▶ _PROBLEM DETAILS_
Print the data below exactly, but only the lines from the one containing "import ezdxf" down to the one containing "msp = doc.modelspace()", inclusive.
BEGIN
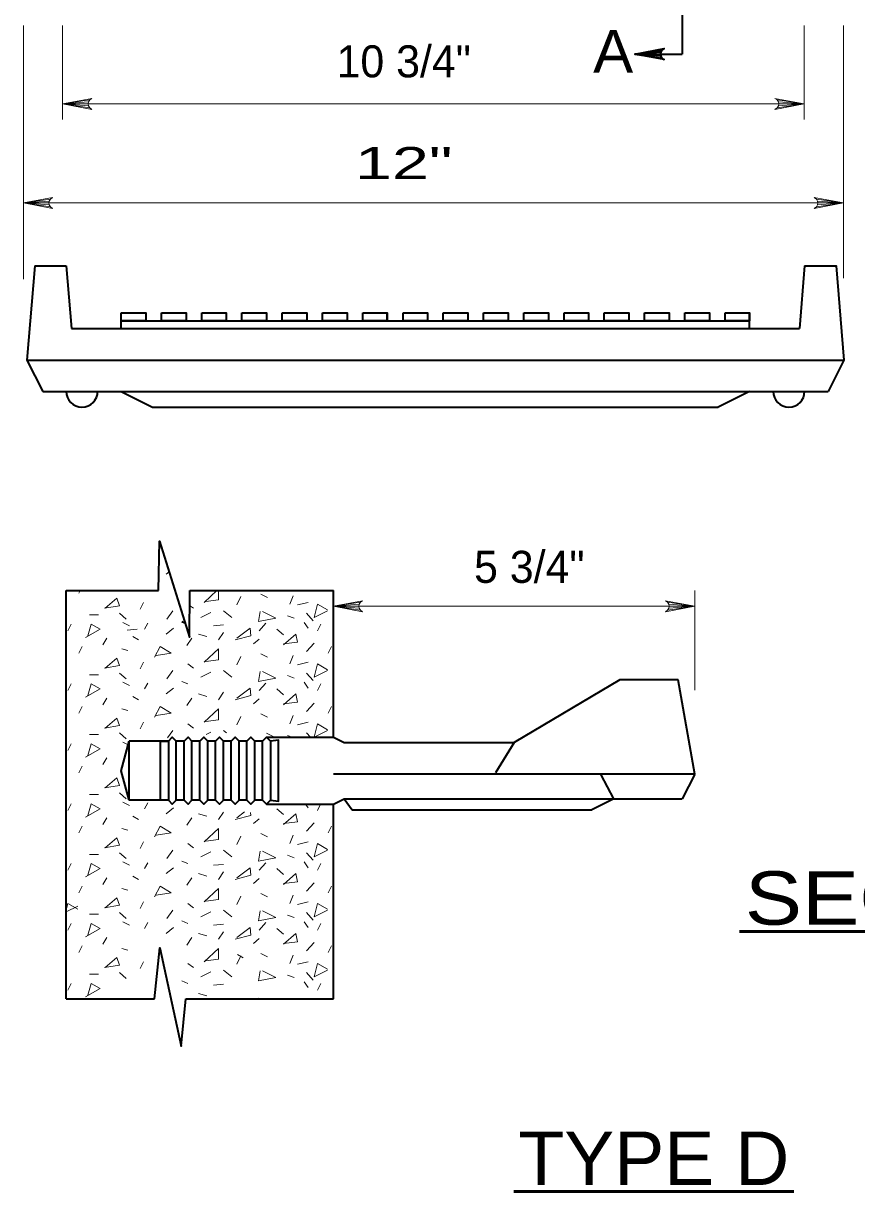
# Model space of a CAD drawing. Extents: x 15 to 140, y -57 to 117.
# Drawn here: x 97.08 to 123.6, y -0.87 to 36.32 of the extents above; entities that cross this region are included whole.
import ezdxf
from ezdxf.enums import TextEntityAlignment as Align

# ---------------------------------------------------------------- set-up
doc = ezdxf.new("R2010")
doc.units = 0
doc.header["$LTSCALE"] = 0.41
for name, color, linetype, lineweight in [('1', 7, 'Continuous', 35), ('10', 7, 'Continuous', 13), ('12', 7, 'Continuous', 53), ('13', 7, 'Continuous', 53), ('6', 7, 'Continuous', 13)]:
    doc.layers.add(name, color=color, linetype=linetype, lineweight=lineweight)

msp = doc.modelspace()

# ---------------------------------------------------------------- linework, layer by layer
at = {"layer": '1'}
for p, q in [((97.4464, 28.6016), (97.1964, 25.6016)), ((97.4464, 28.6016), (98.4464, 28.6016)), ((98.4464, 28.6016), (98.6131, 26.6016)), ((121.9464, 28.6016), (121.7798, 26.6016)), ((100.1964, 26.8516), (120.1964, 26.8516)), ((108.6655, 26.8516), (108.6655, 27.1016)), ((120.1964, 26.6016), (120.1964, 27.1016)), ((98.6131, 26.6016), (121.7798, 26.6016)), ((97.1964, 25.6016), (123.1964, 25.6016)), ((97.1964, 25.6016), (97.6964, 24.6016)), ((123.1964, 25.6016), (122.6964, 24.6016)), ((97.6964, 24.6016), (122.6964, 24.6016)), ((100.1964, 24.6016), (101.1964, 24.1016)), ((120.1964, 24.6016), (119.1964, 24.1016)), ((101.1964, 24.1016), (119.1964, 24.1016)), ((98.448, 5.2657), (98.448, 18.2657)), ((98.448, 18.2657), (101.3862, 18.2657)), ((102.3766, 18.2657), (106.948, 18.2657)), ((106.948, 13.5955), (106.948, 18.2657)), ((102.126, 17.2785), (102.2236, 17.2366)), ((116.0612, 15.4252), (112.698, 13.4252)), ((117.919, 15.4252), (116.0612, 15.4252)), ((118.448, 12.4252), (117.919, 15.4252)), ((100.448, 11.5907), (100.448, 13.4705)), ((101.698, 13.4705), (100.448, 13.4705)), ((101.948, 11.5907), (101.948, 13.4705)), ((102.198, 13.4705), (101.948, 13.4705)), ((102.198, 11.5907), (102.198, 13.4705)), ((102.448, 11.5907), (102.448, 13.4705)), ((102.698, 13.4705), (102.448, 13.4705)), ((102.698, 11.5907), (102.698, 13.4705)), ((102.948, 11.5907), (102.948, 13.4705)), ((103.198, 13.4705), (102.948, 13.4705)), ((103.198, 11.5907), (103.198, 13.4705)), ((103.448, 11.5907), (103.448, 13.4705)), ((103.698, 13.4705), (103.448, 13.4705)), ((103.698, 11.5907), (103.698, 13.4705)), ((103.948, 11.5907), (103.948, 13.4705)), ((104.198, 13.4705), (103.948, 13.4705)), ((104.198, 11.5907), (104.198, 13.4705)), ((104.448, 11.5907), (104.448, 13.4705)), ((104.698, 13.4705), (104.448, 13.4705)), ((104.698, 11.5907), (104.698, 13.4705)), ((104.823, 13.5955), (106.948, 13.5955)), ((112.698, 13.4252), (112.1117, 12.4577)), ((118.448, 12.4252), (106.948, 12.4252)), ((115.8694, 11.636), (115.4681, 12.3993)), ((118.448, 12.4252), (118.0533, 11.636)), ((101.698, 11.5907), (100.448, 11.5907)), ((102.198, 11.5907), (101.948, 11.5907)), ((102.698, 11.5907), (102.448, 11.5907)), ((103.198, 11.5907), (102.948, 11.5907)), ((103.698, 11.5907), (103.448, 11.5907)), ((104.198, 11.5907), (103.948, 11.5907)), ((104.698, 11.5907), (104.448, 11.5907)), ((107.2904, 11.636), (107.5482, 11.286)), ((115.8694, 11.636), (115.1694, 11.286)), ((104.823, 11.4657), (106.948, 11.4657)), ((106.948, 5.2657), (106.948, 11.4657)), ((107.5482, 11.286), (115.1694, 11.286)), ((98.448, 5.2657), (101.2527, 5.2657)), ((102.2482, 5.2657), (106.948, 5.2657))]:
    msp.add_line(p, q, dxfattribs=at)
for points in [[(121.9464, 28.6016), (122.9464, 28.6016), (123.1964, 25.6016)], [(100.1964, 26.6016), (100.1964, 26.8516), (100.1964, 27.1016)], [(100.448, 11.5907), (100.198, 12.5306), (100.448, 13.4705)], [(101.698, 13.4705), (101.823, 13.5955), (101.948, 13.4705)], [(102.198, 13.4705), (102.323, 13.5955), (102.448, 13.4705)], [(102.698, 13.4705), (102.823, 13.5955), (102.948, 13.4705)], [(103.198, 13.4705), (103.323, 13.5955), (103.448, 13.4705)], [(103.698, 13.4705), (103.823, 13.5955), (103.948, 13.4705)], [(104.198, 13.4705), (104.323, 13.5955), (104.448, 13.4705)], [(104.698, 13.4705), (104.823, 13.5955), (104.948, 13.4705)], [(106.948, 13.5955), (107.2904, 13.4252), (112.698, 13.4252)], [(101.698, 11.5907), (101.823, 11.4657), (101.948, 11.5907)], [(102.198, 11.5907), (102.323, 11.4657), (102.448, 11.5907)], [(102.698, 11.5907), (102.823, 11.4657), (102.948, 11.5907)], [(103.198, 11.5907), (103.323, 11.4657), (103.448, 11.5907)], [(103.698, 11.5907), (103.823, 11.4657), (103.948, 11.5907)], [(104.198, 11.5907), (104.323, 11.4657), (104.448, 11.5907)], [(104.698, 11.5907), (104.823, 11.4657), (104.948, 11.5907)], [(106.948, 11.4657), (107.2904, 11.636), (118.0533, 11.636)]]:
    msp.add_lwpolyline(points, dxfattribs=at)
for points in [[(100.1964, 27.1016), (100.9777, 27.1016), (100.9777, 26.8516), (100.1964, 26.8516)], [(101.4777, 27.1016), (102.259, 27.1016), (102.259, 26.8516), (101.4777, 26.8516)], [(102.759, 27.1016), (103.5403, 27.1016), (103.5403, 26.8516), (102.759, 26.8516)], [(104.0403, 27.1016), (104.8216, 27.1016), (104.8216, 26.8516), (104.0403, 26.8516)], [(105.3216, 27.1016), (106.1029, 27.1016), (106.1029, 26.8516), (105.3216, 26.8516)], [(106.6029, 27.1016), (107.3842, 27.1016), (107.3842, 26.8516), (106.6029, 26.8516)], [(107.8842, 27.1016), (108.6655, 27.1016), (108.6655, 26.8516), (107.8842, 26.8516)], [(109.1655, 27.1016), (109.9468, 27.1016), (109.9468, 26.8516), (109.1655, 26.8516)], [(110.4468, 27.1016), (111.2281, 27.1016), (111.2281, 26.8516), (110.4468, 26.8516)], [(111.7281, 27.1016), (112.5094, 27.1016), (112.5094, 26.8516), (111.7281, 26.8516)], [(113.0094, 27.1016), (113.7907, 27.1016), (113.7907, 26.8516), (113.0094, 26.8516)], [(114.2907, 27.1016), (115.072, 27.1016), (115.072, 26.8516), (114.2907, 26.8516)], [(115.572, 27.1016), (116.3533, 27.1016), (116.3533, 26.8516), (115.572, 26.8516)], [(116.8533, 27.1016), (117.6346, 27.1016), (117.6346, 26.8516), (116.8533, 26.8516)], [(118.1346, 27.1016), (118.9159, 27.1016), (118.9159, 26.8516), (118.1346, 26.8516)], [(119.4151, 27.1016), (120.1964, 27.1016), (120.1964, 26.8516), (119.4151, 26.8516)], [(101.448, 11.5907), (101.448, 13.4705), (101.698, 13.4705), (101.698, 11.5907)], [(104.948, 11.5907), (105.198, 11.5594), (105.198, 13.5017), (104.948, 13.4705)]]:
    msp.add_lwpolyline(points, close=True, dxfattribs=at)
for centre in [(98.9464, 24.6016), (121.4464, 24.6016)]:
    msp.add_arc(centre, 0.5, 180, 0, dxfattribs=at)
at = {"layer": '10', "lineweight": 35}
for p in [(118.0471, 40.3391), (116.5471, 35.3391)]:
END
▶ _OUTPUT OF THE TASK_
import ezdxf
from ezdxf.enums import TextEntityAlignment as Align

# ---------------------------------------------------------------- set-up
doc = ezdxf.new("R2010")
doc.units = 0
doc.header["$LTSCALE"] = 0.41
for name, color, linetype, lineweight in [('1', 7, 'Continuous', 35), ('10', 7, 'Continuous', 13), ('12', 7, 'Continuous', 53), ('13', 7, 'Continuous', 53), ('6', 7, 'Continuous', 13)]:
    doc.layers.add(name, color=color, linetype=linetype, lineweight=lineweight)

msp = doc.modelspace()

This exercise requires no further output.